I’ve followed Super-Stock and then A-Street closely over the years. While I’ve never owned an A-Street car, I have co-driven in the class on occasion. A-Street and it’s predecessor Super-Stock have been two of our premier classes with interesting cars, compelling marque competition and they always draw top driving talent.

Charles Krampert, 2021 A-Street National Champion, in his C6Z06 (Photo by Chris Morey)

A-street class has been dominated in recent years by the sixth-generation Corvette Z06 model (C6Z06), so much that people newer to the sport may think this is the way it’s always been. Prompted by comments from some of the old hands I did some investigation to see just how the classes has gotten on since 2006, the first year of the C6Z06.
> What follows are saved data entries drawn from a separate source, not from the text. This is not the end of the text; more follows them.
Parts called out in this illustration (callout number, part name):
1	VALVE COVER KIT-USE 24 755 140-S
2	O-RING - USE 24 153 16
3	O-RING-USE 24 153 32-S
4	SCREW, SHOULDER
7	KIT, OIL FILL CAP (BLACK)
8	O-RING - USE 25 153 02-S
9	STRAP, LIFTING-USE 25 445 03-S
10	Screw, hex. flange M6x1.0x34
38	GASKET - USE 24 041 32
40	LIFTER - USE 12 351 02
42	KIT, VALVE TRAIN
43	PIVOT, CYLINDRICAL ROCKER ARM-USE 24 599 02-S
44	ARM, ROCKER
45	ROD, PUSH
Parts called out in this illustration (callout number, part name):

The first surprising thing that I found is that the C6Z06 never won its class (Super-Stock) at Nationals during its production years from 2006 to 2013. People ran the car during those years but it was beaten over and over again by the Porsche GT3, the Dodge Viper, the Lotus Elise and the C5Z06. For whatever reason, it looks to me like no really top-level driver drove it, either. I don’t know why, but I suspect that the perception was that it just wasn’t quite as good as the GT3, plus it was not cheap.

In 2010 the C6 Grandsport model was released and some top drivers, like Sam Strano, did give that car a try. The Grandsport never won, but Strano came in 2nd in 2011 to Braun in the Elise.
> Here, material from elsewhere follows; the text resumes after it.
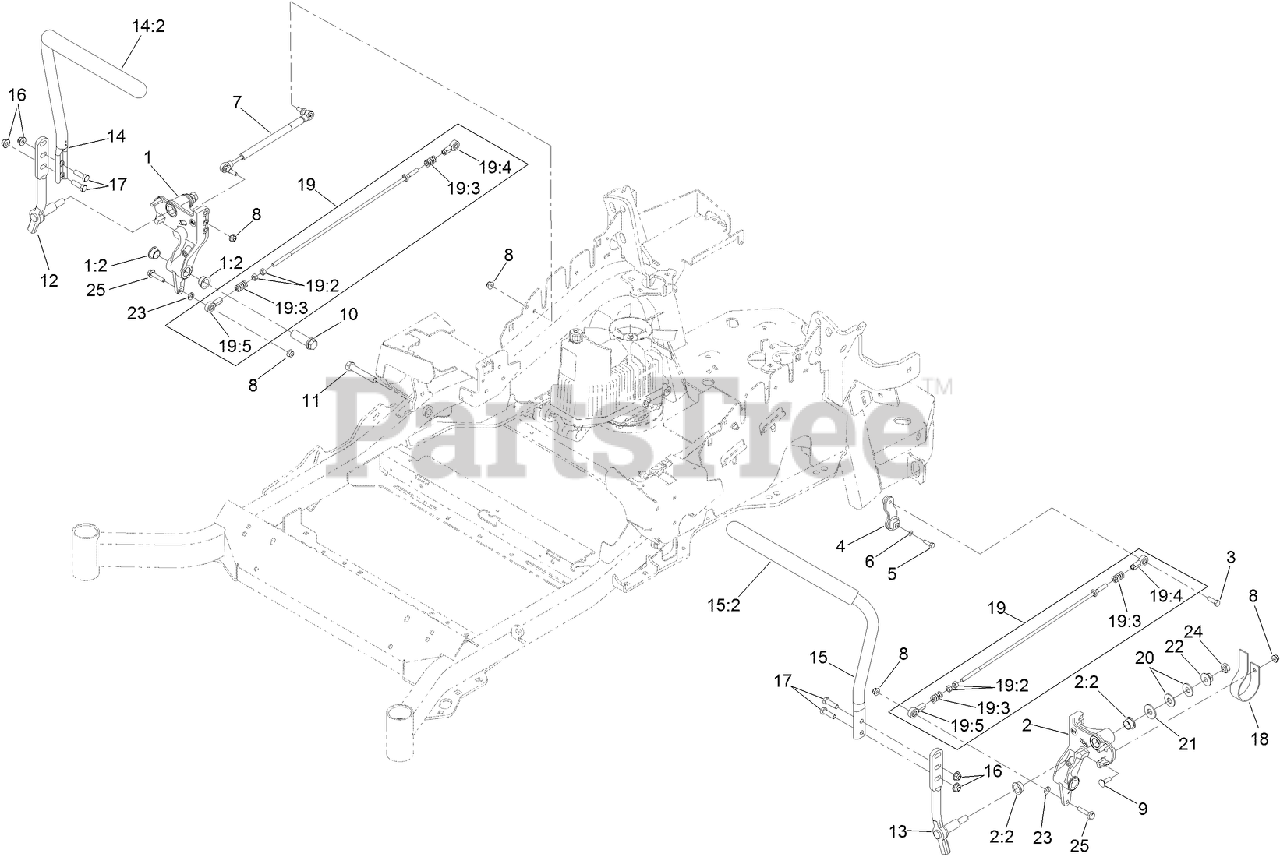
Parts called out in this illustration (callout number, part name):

I don’t understand why people thought more of the Grandsport than the Z06. It’s gearing made it only equal to the C6Z06 in acceleration, at best. It weighed significantly more for the exact same tires and the suspension was effectively softer. As a new car it was at best equal in cost (or more expensive) than an early C6Z06. By then the issue with the cylinder heads had become known, but the true extent, cause and the proper fix were not well understood. Maybe this issue kept some people away from the car.

2014 was the first year of Street on 200TW tires and the classes were reconstituted. For the first time the C6Z06 was separated from the GT3 and Elise. The C6Z06 went into A-Street while the other two went into Super-Street and it won at Nats for the first time with Daddio, one of the best autocross drivers ever. C5Z06 cars were 2nd and 3rd, with an S2000CR in 4th. Compared to the “super-200” tires we have now, those first 200TW tires were really pretty bad. You just couldn’t use much power coming off a corner.

In the meantime the GT3 went on a tear in Super-Street, winning in 2014, 2015, 2016 and 2017. In 2018 a GT4 won. In 2019 the new NSX won.

Then in A-Street in 2015 Yom won in a C5Z06, beating Daddio who was again driving the C6Z06. The next year Daddio won A-Street again in his C6Z06 with C5Z06 drivers taking 2nd and 3rd.

In another swap-around in 2017 Frank, in a C5Z06, beat Daddio in his C6Z06 to take the win in A-Street. Beginning to see a pattern? Or the lack of one?

In 2018 C5Z06 cars took 1st and 2nd with a C6Z06 in 3rd. In total, over the first 5 years of Street the C5Z06 won three times vs. two wins for the C6Z06.

It was not until 2019 that the tide began to change. C6Z06 cars took 1st and 2nd. A Cayman S took 3rd and a C5Z06 took 4th. This was the first time that a C5Z06 was not either 1st or 2nd in A-Street.

Nationals were not held in 2020 due to Covid. In 2021 C6Z06 cars took 1st (Charles Krampert in the car in the picture above), 2nd and 3rd. This was the first year you could say that the C6Z06 dominated A-Street, with Cayman GTS drivers in 4th and 5th. C5Z06s were 7th and 9th, driven by excellent but, I think most would say, somewhat lesser talents than some who had piloted that car in previous years, no disrespect intended. The C5Z06 may have finally lost favor, probably due more to the age of the car than any performance reason, except possibly for one thing. 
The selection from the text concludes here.